Data supplied -

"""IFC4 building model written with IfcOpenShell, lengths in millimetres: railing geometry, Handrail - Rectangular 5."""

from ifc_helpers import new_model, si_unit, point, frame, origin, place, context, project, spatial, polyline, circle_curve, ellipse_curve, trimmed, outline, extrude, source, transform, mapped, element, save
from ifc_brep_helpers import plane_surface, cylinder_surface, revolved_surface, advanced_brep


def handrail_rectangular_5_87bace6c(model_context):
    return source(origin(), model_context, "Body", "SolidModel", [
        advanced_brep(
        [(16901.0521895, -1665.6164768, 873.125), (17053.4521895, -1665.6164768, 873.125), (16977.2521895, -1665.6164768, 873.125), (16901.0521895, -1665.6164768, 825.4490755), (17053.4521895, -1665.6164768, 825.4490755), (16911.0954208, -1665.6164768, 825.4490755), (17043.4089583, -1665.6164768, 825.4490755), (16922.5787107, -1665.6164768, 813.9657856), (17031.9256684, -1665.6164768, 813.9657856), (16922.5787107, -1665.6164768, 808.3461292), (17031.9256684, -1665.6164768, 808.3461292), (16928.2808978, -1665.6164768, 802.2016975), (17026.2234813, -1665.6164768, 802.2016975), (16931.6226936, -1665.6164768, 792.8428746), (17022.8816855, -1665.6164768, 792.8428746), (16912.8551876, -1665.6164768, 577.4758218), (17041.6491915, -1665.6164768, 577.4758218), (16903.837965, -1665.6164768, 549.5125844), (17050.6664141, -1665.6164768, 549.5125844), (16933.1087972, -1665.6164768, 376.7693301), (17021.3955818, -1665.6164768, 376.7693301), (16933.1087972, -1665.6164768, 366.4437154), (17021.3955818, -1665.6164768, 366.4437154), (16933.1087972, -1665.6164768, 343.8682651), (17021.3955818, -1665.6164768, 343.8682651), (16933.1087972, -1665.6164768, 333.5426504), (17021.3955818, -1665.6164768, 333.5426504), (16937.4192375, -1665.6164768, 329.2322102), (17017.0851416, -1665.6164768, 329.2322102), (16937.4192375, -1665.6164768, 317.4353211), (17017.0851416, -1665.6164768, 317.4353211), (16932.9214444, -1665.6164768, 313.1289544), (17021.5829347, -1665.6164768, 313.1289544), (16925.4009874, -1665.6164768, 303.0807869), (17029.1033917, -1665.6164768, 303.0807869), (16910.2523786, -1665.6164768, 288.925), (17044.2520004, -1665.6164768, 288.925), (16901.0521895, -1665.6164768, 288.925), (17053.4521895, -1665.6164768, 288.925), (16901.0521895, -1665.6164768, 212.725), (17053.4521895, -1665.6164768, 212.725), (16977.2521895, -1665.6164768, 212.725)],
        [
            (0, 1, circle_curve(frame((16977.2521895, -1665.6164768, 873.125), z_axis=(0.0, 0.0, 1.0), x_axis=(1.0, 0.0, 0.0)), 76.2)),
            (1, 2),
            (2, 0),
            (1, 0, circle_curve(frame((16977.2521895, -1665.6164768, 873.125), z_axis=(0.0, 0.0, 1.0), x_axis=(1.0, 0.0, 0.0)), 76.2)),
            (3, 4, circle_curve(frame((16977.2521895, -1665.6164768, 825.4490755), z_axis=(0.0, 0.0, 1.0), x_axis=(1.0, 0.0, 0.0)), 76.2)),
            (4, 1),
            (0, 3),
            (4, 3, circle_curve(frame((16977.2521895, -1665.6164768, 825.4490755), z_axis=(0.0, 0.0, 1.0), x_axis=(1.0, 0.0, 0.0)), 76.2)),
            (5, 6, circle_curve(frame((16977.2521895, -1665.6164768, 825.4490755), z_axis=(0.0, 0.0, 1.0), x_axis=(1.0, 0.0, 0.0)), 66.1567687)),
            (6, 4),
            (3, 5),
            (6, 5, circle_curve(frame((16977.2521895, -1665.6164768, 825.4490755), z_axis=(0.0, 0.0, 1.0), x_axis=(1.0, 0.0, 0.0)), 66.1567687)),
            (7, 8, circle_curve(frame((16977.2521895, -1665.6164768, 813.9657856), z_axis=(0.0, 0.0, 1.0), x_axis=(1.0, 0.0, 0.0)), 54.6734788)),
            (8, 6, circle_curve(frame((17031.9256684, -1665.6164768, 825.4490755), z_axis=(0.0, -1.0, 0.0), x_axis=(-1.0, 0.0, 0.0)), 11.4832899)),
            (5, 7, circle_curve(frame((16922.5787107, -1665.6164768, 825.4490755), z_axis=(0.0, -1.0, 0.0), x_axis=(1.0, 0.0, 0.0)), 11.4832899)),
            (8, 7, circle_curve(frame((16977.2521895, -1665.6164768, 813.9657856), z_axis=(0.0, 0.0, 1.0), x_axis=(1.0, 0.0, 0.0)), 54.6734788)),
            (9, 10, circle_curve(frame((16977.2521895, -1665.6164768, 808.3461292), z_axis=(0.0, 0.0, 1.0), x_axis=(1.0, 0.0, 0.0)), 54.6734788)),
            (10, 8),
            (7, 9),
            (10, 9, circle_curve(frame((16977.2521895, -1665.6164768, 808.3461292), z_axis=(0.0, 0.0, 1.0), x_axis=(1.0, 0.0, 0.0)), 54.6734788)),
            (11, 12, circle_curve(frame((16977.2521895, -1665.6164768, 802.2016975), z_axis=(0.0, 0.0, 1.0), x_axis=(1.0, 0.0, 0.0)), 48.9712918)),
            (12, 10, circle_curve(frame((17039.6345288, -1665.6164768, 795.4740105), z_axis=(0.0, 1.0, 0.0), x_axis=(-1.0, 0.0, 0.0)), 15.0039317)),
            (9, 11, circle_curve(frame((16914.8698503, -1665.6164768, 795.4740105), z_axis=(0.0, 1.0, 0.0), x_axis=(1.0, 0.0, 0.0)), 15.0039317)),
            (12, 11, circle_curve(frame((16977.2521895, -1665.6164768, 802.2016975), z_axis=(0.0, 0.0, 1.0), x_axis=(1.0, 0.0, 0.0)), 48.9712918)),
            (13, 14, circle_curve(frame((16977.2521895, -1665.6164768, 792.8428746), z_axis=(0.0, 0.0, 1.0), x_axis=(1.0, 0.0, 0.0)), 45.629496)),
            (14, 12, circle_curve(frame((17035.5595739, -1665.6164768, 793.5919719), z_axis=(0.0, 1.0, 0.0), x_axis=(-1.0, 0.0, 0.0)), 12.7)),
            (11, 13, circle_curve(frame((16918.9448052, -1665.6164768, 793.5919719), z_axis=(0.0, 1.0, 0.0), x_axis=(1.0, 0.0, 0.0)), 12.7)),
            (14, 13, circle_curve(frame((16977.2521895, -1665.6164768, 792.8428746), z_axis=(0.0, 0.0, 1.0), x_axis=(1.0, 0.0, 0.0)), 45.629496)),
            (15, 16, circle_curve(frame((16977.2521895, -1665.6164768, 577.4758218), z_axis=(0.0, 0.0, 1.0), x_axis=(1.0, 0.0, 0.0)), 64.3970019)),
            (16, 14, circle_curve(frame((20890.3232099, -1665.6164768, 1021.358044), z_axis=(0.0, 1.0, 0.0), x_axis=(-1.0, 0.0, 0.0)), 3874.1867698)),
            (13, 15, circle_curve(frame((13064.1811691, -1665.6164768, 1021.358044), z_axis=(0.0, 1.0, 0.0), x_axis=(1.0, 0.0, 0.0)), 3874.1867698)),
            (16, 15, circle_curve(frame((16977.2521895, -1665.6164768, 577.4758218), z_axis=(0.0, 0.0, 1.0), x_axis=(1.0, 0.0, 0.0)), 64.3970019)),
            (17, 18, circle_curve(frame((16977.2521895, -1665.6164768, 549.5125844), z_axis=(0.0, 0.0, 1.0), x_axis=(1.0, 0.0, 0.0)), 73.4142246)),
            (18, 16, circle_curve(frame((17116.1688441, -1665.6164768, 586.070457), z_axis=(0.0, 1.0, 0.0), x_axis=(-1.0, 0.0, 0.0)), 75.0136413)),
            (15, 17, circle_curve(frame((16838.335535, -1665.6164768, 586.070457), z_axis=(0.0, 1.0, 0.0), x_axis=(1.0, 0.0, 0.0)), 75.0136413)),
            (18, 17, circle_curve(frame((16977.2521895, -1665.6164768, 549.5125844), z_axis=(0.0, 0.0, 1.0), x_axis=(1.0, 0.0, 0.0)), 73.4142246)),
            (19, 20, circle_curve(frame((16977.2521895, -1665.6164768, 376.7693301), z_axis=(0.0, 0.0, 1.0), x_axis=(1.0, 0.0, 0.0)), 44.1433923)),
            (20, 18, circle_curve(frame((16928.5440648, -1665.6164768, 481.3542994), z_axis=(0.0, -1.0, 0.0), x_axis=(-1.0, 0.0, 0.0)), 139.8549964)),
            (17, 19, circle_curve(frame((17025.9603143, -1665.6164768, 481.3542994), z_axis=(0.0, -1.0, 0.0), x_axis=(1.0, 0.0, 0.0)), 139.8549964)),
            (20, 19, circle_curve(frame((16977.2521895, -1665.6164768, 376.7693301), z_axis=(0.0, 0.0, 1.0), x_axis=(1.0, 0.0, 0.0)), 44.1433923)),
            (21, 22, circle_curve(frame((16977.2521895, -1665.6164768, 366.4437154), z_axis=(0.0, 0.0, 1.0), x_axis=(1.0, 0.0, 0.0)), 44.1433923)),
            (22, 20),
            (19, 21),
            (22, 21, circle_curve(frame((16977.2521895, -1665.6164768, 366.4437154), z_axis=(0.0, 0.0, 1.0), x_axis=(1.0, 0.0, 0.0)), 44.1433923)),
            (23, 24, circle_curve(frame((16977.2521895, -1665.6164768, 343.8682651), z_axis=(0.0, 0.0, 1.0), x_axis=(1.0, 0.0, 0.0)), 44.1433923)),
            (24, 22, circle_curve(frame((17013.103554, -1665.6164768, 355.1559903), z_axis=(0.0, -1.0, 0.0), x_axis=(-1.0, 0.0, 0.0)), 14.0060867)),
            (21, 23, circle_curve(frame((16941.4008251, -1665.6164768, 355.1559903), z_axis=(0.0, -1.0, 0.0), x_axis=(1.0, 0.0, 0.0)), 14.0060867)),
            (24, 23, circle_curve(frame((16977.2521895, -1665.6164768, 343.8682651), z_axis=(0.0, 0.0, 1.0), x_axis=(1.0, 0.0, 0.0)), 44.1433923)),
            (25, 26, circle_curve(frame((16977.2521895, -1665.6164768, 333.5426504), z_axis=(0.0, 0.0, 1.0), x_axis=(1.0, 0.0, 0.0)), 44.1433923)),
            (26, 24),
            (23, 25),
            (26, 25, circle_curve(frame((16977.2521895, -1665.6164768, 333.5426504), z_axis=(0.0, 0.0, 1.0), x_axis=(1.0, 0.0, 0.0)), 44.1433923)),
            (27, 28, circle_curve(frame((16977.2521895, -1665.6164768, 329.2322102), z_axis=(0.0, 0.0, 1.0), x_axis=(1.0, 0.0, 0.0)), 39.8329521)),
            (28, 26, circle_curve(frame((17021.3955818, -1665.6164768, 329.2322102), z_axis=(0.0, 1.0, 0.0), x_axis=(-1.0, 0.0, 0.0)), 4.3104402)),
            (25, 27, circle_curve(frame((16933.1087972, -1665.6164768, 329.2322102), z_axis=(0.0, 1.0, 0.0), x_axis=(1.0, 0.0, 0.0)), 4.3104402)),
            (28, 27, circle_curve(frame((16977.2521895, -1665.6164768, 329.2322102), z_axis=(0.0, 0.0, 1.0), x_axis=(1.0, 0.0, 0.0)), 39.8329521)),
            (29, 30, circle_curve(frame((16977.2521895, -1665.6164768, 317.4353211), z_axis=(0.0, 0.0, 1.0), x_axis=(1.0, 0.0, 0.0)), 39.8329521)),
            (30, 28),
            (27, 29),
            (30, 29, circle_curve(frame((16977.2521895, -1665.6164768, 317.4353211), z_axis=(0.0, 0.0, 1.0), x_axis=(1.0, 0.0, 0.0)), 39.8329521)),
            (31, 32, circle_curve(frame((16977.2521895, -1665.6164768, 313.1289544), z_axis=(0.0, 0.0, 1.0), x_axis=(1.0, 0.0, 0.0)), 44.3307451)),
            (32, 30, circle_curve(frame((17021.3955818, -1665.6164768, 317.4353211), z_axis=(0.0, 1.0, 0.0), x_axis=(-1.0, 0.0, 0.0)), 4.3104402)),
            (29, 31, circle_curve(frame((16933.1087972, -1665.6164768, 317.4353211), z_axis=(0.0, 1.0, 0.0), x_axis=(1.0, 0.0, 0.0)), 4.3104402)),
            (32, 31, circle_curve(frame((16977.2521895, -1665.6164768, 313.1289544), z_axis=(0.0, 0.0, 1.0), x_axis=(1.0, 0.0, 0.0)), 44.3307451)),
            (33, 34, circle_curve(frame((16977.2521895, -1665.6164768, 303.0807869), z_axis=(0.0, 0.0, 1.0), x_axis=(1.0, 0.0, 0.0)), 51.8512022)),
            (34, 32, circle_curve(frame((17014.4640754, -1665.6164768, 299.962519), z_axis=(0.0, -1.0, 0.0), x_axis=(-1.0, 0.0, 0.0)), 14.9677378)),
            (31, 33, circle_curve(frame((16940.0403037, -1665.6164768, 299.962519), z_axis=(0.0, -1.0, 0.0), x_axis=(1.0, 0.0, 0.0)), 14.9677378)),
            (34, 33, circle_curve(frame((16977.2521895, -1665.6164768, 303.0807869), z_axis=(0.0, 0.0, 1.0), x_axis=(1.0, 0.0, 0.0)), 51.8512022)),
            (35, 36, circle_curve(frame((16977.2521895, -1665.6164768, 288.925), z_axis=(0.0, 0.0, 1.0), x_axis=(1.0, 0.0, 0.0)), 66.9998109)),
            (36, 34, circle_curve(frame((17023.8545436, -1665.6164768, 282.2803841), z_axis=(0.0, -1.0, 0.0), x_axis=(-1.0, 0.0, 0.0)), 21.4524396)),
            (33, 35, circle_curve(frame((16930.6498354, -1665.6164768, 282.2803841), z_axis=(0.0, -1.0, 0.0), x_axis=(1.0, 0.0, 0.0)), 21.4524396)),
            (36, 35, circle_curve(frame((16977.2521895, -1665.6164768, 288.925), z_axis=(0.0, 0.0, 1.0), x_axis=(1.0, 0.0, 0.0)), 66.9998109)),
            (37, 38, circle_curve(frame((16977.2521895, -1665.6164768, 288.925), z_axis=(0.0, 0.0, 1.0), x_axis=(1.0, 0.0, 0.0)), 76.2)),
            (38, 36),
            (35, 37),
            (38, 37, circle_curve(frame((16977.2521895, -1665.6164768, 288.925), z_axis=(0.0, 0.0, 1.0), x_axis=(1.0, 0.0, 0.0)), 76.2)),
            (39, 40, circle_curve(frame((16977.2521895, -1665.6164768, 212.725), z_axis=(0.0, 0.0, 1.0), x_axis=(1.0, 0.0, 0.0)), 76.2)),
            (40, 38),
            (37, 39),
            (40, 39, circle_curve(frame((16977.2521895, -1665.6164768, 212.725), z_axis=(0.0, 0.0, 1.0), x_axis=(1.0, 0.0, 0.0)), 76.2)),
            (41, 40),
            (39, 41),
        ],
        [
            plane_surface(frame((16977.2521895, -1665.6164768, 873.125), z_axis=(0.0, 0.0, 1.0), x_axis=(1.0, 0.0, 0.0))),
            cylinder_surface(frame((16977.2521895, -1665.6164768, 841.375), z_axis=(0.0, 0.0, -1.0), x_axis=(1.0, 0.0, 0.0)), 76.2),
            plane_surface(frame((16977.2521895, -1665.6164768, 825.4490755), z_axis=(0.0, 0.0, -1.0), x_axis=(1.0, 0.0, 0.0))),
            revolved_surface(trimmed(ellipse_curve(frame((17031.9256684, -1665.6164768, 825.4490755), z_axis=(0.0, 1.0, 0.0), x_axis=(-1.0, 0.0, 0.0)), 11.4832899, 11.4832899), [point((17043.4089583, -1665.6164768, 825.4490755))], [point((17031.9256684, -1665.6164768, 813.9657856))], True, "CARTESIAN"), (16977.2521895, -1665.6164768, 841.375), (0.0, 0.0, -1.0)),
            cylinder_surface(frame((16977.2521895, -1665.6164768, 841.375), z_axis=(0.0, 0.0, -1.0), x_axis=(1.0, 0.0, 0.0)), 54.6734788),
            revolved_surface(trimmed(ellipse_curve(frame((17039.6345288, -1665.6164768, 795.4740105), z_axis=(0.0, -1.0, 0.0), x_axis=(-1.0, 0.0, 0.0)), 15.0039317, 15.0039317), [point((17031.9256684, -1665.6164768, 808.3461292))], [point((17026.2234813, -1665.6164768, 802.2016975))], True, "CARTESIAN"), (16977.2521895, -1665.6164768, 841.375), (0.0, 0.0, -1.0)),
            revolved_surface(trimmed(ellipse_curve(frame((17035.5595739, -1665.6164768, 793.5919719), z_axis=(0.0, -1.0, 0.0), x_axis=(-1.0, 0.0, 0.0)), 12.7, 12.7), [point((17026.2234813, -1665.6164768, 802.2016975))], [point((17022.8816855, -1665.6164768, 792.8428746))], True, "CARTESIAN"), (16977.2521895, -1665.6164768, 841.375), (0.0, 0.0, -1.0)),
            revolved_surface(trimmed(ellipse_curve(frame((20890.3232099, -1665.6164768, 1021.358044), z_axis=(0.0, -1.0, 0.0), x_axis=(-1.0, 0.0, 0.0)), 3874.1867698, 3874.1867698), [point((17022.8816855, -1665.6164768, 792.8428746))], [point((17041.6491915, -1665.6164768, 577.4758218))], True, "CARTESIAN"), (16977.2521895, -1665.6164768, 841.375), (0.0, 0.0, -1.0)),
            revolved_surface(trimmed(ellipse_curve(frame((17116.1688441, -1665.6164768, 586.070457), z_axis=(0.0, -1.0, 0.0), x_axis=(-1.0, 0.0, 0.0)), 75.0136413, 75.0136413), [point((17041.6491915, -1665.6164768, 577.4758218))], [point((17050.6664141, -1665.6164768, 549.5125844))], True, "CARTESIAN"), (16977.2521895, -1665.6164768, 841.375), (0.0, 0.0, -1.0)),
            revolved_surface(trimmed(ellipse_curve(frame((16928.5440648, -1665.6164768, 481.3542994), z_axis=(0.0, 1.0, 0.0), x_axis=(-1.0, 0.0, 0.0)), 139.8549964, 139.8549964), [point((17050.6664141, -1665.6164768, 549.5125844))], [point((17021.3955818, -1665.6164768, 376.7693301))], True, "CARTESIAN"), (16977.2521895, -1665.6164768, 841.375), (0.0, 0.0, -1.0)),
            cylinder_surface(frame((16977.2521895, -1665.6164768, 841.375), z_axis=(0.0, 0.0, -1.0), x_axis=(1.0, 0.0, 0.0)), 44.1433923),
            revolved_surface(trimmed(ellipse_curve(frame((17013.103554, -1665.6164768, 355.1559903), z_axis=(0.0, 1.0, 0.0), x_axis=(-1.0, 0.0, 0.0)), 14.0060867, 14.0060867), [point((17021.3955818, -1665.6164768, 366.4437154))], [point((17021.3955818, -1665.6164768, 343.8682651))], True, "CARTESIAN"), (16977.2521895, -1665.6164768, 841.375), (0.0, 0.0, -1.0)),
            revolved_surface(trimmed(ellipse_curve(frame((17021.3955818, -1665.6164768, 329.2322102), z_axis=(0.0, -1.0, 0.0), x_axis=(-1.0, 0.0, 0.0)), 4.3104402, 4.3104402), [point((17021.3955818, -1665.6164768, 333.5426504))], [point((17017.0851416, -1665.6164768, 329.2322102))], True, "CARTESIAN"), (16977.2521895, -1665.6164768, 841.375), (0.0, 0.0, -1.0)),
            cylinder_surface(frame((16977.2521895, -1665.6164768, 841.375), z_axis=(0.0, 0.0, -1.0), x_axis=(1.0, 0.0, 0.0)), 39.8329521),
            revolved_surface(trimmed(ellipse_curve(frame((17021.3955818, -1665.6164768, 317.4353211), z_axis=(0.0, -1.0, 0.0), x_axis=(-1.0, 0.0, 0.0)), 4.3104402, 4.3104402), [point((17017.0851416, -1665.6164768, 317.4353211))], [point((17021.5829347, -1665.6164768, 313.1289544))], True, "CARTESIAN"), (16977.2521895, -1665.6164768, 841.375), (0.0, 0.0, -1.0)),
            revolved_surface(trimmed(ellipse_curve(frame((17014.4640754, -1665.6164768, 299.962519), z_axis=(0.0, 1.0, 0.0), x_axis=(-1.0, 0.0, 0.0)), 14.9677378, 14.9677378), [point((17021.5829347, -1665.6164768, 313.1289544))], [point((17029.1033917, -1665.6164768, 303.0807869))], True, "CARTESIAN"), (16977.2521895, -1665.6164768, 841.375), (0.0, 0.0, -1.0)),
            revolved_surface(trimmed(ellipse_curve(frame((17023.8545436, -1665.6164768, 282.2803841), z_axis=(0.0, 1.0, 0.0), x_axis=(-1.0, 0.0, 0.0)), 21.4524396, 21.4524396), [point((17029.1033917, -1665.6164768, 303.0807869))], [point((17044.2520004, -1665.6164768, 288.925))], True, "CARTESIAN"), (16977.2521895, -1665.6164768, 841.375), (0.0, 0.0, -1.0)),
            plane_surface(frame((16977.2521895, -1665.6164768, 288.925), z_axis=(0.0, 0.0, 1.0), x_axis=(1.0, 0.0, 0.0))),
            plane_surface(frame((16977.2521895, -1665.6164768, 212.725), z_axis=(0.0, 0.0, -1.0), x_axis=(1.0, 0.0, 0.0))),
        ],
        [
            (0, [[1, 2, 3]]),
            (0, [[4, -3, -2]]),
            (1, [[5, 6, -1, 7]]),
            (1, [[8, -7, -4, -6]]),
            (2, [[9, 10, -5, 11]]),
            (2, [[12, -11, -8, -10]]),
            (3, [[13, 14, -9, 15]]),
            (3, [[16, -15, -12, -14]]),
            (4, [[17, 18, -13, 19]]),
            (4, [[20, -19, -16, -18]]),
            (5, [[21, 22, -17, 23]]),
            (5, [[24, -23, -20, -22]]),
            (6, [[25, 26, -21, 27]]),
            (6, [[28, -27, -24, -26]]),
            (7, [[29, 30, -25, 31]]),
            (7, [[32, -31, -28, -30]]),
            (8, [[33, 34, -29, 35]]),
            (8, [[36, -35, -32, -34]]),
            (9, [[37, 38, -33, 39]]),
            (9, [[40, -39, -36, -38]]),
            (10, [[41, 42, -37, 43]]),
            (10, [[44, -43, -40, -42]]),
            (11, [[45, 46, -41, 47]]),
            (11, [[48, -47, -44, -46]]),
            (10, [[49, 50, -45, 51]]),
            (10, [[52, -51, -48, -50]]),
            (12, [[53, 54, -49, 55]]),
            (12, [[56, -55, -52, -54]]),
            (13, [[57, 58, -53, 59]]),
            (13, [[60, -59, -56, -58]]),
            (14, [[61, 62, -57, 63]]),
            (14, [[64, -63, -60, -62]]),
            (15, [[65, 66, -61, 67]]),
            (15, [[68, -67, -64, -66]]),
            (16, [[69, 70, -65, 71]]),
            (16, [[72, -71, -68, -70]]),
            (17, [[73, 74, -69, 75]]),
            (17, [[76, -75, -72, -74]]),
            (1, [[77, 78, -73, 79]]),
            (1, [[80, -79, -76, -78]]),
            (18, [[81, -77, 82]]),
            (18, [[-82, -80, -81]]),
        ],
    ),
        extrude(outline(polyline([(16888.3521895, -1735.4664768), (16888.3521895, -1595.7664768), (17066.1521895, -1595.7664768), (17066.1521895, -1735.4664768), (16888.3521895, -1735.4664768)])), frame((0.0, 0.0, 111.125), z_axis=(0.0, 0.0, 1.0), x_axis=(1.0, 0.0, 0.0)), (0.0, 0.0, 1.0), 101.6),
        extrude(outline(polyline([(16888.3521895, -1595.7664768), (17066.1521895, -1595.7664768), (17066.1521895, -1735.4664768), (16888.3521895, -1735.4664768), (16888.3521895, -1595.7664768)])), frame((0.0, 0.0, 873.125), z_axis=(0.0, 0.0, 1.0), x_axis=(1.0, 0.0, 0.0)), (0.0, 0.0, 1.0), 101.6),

Exercise directions -
Pull out all lines of the data with the string "outline".

Output for this exercise -
from ifc_helpers import new_model, si_unit, point, frame, origin, place, context, project, spatial, polyline, circle_curve, ellipse_curve, trimmed, outline, extrude, source, transform, mapped, element, save
        extrude(outline(polyline([(16888.3521895, -1735.4664768), (16888.3521895, -1595.7664768), (17066.1521895, -1595.7664768), (17066.1521895, -1735.4664768), (16888.3521895, -1735.4664768)])), frame((0.0, 0.0, 111.125), z_axis=(0.0, 0.0, 1.0), x_axis=(1.0, 0.0, 0.0)), (0.0, 0.0, 1.0), 101.6),
        extrude(outline(polyline([(16888.3521895, -1595.7664768), (17066.1521895, -1595.7664768), (17066.1521895, -1735.4664768), (16888.3521895, -1735.4664768), (16888.3521895, -1595.7664768)])), frame((0.0, 0.0, 873.125), z_axis=(0.0, 0.0, 1.0), x_axis=(1.0, 0.0, 0.0)), (0.0, 0.0, 1.0), 101.6),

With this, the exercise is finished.